My trusty backpack had come apart at the seams soon after I arrived in the city. I didn’t think of it again until my last day, when I set out under leaden skies in search of a suitable replacement. All morning, I trudged through the winter slush, peering into the odd bag shop, thinking a like-for-like purchase would be easy enough to find. By late afternoon, the replacement didn’t seem all that important, so I took refuge in a small bar overlooking the Vistula, cradling a glass of unpronounceable vodka.
Having forgotten the matter of the backpack altogether, I left the bar and walked into the old town. The river outside was frozen, a vast, serpentine slab of ice that distended right through the heart of the medieval city. The streets behind it were silent, muffled by the heavy snowfall. It was there, in that beautiful but melancholy quarter, where history hangs so pungently in the air, that I first spotted it.
For the life of me, I cannot remember the name of the store; in fact, on first impressions, it did not look like a store at all, just an old, shambling wreck, whose glory days had long since passed. It wasn’t until I saw the set of briefcases, nicely arranged, side-by-side, in the shop window that I understood what was inside.
The man who greeted me from behind the counter was stooped and spindly, and obviously surprised to see a customer. He intuited immediately that I was foreign and addressed me in broken English as I explained my pathetic attempts to find a replacement for my backpack.
“You won’t find one of those in here,” he said dryly, guiding me instead to an assortment of vintage leather cases at the back of the shop.
Certainly none were suitable for my purposes, but there was no denying their sense of old world charm, dignity and panache. The next morning I departed Poland with one backpack held together by shoelaces and masking tape and a brand new leather briefcase, clutched firmly in hand. For almost a year I carried my Krakow briefcase to and from the office until a longer commute and a new work laptop forced its retirement. It was, primarily, a paper-going vessel, crafted for an analog age, now entirely impractical for the bulky demands of the contemporary world.

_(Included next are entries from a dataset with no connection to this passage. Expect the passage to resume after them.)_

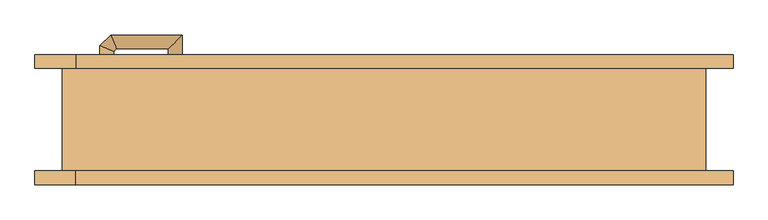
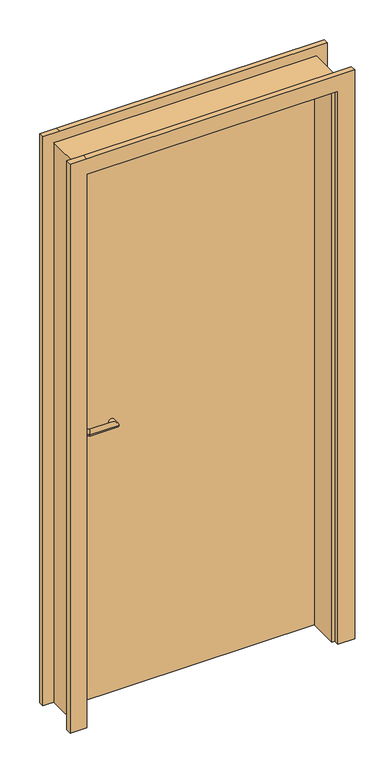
"""IFC4 building model written with IfcOpenShell, lengths in millimetres: door geometry, Porta acessivel 90cm-FLA : 90x210 (acessível s/ barra)."""

from ifc_helpers import new_model, si_unit, frame, origin, origin_with_axes, place, context, project, spatial, polyline, circle_curve, ellipse_curve, outline, extrude, faceted_brep, source, transform, mapped, element, save
from ifc_brep_helpers import plane_surface, cylinder_surface, advanced_brep


def door_7d303a18(model_context):
    return source(origin(), model_context, "Body", "SolidModel", [
        faceted_brep([(-477.5, 75.0, 2120.0), (-477.5, -75.0, 2120.0), (462.5, -75.0, 2120.0), (462.5, 75.0, 2120.0), (-457.5, 75.0, 0.0), (-457.5, 33.8, 0.0), (-447.5, 33.8, 0.0), (-447.5, -75.0, 0.0), (-477.5, -75.0, 0.0), (-477.5, 75.0, 0.0), (462.5, 75.0, 0.0), (442.5, 75.0, 0.0), (442.5, 75.0, 2100.0), (-457.5, 75.0, 2100.0), (-447.5, -75.0, 2090.0), (432.5, -75.0, 2090.0), (432.5, -75.0, 0.0), (462.5, -75.0, 0.0), (-447.5, 33.8, 2100.0), (-447.5, 31.4, 2100.0), (-447.5, 31.4, 2090.0), (-457.5, 33.8, 2100.0), (432.5, 33.8, 0.0), (442.5, 33.8, 0.0), (442.5, 33.8, 2100.0), (432.5, 33.8, 2100.0), (432.5, 31.4, 2090.0), (432.5, 31.4, 2100.0)], [[[0, 1, 2, 3]], [[4, 5, 6, 7, 8, 9]], [[0, 3, 10, 11, 12, 13, 4, 9]], [[1, 0, 9, 8]], [[8, 7, 14, 15, 16, 17, 2, 1]], [[7, 6, 18, 19, 20, 14]], [[6, 5, 21, 18]], [[5, 4, 13, 21]], [[11, 10, 17, 16, 22, 23]], [[11, 23, 24, 12]], [[23, 22, 25, 24]], [[22, 16, 15, 26, 27, 25]], [[3, 2, 17, 10]], [[13, 12, 24, 25, 27, 19, 18, 21]], [[19, 27, 26, 20]], [[15, 14, 20, 26]]]),
        extrude(outline(polyline([(2096.0, -457.5), (2096.0, 442.5), (0.0, 442.5), (0.0, 502.5), (2096.0, 502.5), (2156.0, 502.5), (2156.0, -457.5), (2156.0, -517.5), (0.0, -517.5), (0.0, -457.5), (2096.0, -457.5)])), frame((0.0, -95.0, 0.0), z_axis=(0.0, 1.0, 0.0), x_axis=(0.0, 0.0, 1.0)), (0.0, 0.0, 1.0), 20.0),
        extrude(outline(polyline([(2096.0, -457.5), (2096.0, 442.5), (0.0, 442.5), (0.0, 502.5), (2096.0, 502.5), (2156.0, 502.5), (2156.0, -457.5), (2156.0, -517.5), (0.0, -517.5), (0.0, -457.5), (2096.0, -457.5)])), frame((0.0, 75.0, 0.0), z_axis=(0.0, 1.0, 0.0), x_axis=(0.0, 0.0, 1.0)), (0.0, 0.0, 1.0), 20.0),
        extrude(outline(polyline([(-457.5, 62.6), (442.5, 62.6), (442.5, 33.8), (-457.5, 33.8), (-457.5, 62.6)])), origin_with_axes(), (0.0, 0.0, 1.0), 2100.0),
        advanced_brep(
        [(-422.5, 33.8, 1050.0), (-402.5, 33.8, 1050.0), (-422.5, -10.3421356, 1050.0), (-402.5, -2.0578644, 1050.0), (-406.6421356, -26.2, 1050.0), (-398.3578644, -6.2, 1050.0), (-302.5, -26.2, 1050.0), (-322.5, -6.2, 1050.0), (-302.5, 3.8, 1050.0), (-322.5, 3.8, 1050.0)],
        [
            (0, 1, circle_curve(frame((-412.5, 33.8, 1050.0), z_axis=(0.0, 1.0, 0.0), x_axis=(1.0, 0.0, 0.0)), 10.0)),
            (1, 0, circle_curve(frame((-412.5, 33.8, 1050.0), z_axis=(0.0, 1.0, 0.0), x_axis=(1.0, 0.0, 0.0)), 10.0)),
            (0, 2),
            (2, 3, ellipse_curve(frame((-412.5, -6.2, 1050.0), z_axis=(-0.3826834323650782, 0.9238795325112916, 0.0), x_axis=(0.9238795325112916, 0.38268343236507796, 0.0)), 10.823922, 10.0)),
            (3, 1),
            (3, 2, ellipse_curve(frame((-412.5, -6.2, 1050.0), z_axis=(-0.3826834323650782, 0.9238795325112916, 0.0), x_axis=(0.9238795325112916, 0.38268343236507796, 0.0)), 10.823922, 10.0)),
            (2, 4),
            (4, 5, ellipse_curve(frame((-402.5, -16.2, 1050.0), z_axis=(-0.9238795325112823, 0.382683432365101, 0.0), x_axis=(0.38268343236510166, 0.9238795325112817, 0.0)), 10.823922, 10.0)),
            (5, 3),
            (5, 4, ellipse_curve(frame((-402.5, -16.2, 1050.0), z_axis=(-0.9238795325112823, 0.382683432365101, 0.0), x_axis=(0.38268343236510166, 0.9238795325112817, 0.0)), 10.823922, 10.0)),
            (4, 6),
            (6, 7, ellipse_curve(frame((-312.5, -16.2, 1050.0), z_axis=(-0.7071067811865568, -0.7071067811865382, 0.0), x_axis=(-0.7071067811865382, 0.7071067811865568, 0.0)), 14.1421356, 10.0)),
            (7, 5),
            (7, 6, ellipse_curve(frame((-312.5, -16.2, 1050.0), z_axis=(-0.7071067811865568, -0.7071067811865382, 0.0), x_axis=(-0.7071067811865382, 0.7071067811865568, 0.0)), 14.1421356, 10.0)),
            (8, 9, circle_curve(frame((-312.5, 3.8, 1050.0), z_axis=(0.0, 1.0, 0.0), x_axis=(-1.0, 0.0, 0.0)), 10.0)),
            (9, 8, circle_curve(frame((-312.5, 3.8, 1050.0), z_axis=(0.0, 1.0, 0.0), x_axis=(-1.0, 0.0, 0.0)), 10.0)),
            (6, 8),
            (9, 7),
        ],
        [
            plane_surface(frame((-412.5, 33.8, 0.0), z_axis=(0.0, 1.0, 0.0), x_axis=(0.0, 0.0, 1.0))),
            cylinder_surface(frame((-412.5, 33.8, 1050.0), z_axis=(0.0, 1.0, 0.0), x_axis=(1.0, 0.0, 0.0)), 10.0),
            cylinder_surface(frame((-412.5, -6.2, 1050.0), z_axis=(-0.7071067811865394, 0.7071067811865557, 0.0), x_axis=(0.7071067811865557, 0.7071067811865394, 0.0)), 10.0),
            cylinder_surface(frame((-402.5, -16.2, 1050.0), z_axis=(-1.0, 0.0, 0.0), x_axis=(0.0, 1.0, 0.0)), 10.0),
            plane_surface(frame((-312.5, 3.8, 0.0), z_axis=(0.0, 1.0, 0.0), x_axis=(0.0, 0.0, 1.0))),
            cylinder_surface(frame((-312.5, -16.2, 1050.0), z_axis=(0.0, -1.0, 0.0), x_axis=(-1.0, 0.0, 0.0)), 10.0),
        ],
        [
            (0, [[1, 2]]),
            (1, [[-1, 3, 4, 5]]),
            (1, [[-2, -5, 6, -3]]),
            (2, [[-4, 7, 8, 9]]),
            (2, [[-6, -9, 10, -7]]),
            (3, [[-8, 11, 12, 13]]),
            (3, [[-10, -13, 14, -11]]),
            (4, [[15, 16]]),
            (5, [[-12, 17, -16, 18]]),
            (5, [[-14, -18, -15, -17]]),
        ],
    ),
        advanced_brep(
        [(-402.5, 63.8, 1050.0), (-422.5, 63.8, 1050.0), (-402.5, 99.6578644, 1050.0), (-422.5, 107.9421356, 1050.0), (-398.3578644, 103.8, 1050.0), (-406.6421356, 123.8, 1050.0), (-322.5, 103.8, 1050.0), (-302.5, 123.8, 1050.0), (-322.5, 93.8, 1050.0), (-302.5, 93.8, 1050.0)],
        [
            (0, 1, circle_curve(frame((-412.5, 63.8, 1050.0), z_axis=(0.0, -1.0, 0.0), x_axis=(-1.0, 0.0, 0.0)), 10.0)),
            (1, 0, circle_curve(frame((-412.5, 63.8, 1050.0), z_axis=(0.0, -1.0, 0.0), x_axis=(-1.0, 0.0, 0.0)), 10.0)),
            (0, 2),
            (2, 3, ellipse_curve(frame((-412.5, 103.8, 1050.0), z_axis=(-0.382683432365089, -0.9238795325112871, 0.0), x_axis=(0.9238795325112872, -0.3826834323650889, 0.0)), 10.823922, 10.0)),
            (3, 1),
            (3, 2, ellipse_curve(frame((-412.5, 103.8, 1050.0), z_axis=(-0.382683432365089, -0.9238795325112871, 0.0), x_axis=(0.9238795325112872, -0.3826834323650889, 0.0)), 10.823922, 10.0)),
            (2, 4),
            (4, 5, ellipse_curve(frame((-402.5, 113.8, 1050.0), z_axis=(-0.9238795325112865, -0.3826834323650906, 0.0), x_axis=(0.38268343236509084, -0.9238795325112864, 0.0)), 10.823922, 10.0)),
            (5, 3),
            (5, 4, ellipse_curve(frame((-402.5, 113.8, 1050.0), z_axis=(-0.9238795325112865, -0.3826834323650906, 0.0), x_axis=(0.38268343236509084, -0.9238795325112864, 0.0)), 10.823922, 10.0)),
            (4, 6),
            (6, 7, ellipse_curve(frame((-312.5, 113.8, 1050.0), z_axis=(-0.7071067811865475, 0.7071067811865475, 0.0), x_axis=(-0.7071067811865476, -0.7071067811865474, 0.0)), 14.1421356, 10.0)),
            (7, 5),
            (7, 6, ellipse_curve(frame((-312.5, 113.8, 1050.0), z_axis=(-0.7071067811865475, 0.7071067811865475, 0.0), x_axis=(-0.7071067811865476, -0.7071067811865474, 0.0)), 14.1421356, 10.0)),
            (8, 9, circle_curve(frame((-312.5, 93.8, 1050.0), z_axis=(0.0, -1.0, 0.0), x_axis=(1.0, 0.0, 0.0)), 10.0)),
            (9, 8, circle_curve(frame((-312.5, 93.8, 1050.0), z_axis=(0.0, -1.0, 0.0), x_axis=(1.0, 0.0, 0.0)), 10.0)),
            (6, 8),
            (9, 7),
        ],
        [
            plane_surface(frame((-412.5, 63.8, 0.0), z_axis=(0.0, -1.0, 0.0), x_axis=(0.0, 0.0, 1.0))),
            cylinder_surface(frame((-412.5, 63.8, 1050.0), z_axis=(0.0, -1.0, 0.0), x_axis=(-1.0, 0.0, 0.0)), 10.0),
            cylinder_surface(frame((-412.5, 103.8, 1050.0), z_axis=(-0.7071067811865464, -0.7071067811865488, 0.0), x_axis=(-0.7071067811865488, 0.7071067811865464, 0.0)), 10.0),
            cylinder_surface(frame((-402.5, 113.8, 1050.0), z_axis=(-1.0, 0.0, 0.0), x_axis=(0.0, 1.0, 0.0)), 10.0),
            plane_surface(frame((-312.5, 93.8, 0.0), z_axis=(0.0, -1.0, 0.0), x_axis=(0.0, 0.0, 1.0))),
            cylinder_surface(frame((-312.5, 113.8, 1050.0), z_axis=(0.0, 1.0, 0.0), x_axis=(1.0, 0.0, 0.0)), 10.0),
        ],
        [
            (0, [[1, 2]]),
            (1, [[-1, 3, 4, 5]]),
            (1, [[-2, -5, 6, -3]]),
            (2, [[-4, 7, 8, 9]]),
            (2, [[-6, -9, 10, -7]]),
            (3, [[-8, 11, 12, 13]]),
            (3, [[-10, -13, 14, -11]]),
            (4, [[15, 16]]),
            (5, [[-12, 17, -16, 18]]),
            (5, [[-14, -18, -15, -17]]),
        ],
    ),
    ])


if __name__ == "__main__":
    model = new_model("IFC4")
    model_context = context("Model", 3, world=origin())
    ifc_project = project(units=[si_unit("LENGTHUNIT", "METRE", prefix="MILLI")], contexts=[model_context])
    site = spatial("IfcSite", under=ifc_project)
    building = spatial("IfcBuilding", under=site)
    placement = place(None, origin())
    door_shape = door_7d303a18(model_context)
    element("IfcDoor", 1, ObjectType="Porta acessivel 90cm-FLA : 90x210 (acessível s/ barra)", at=placement, inside=building, context=model_context, shape_type="MappedRepresentation", body=[
        mapped(door_shape, transform((0.0, 0.0, 0.0), x_axis=(1.0, 0.0, 0.0), y_axis=(0.0, 1.0, 0.0), z_axis=(0.0, 0.0, 1.0))),
    ])
    save(model, "model.ifc")

Back in the 1990s, my dad carried a black briefcase for work. It was plain and rigid and did not look at all practical. Still, I remember being impressed by its golden latches and multi-dial combination lock, which lent it a cool but deceptive air of sophistication; something very important must be inside here, I often thought, imagining what kind of top secret documents it might contain. Then, at some point, it disappeared and was replaced, first, by a frumpy laptop bag and then, years later, by the all too ubiquitous mini backpack.
Nowadays, you rarely see a proper leather briefcase on a train or bus; take a stroll down Collins Street or Martin Place during peak hour, and you’ll be hard pressed to count them on the fingers of one hand.
My briefcase, meanwhile, sits quietly in the corner of my study, slowly gathering dust. It deserves an outing some day soon, I know. But for the moment it remains a pleasant anachronism, just waiting for the reveries of the past to bring it back to life.
A little over a decade ago, I bought a smart, snap-lock briefcase in a rundown luggage store at the edge of Krakow’s old town. It was a smooth, slimline piece of craftsmanship, leather brown, nicely patterned and topped with a simple handle and buckle that glinted in the sun. It was scuffed at the base and frayed at the edges, but its imperfections made it all the more desirable. It belonged to a different world.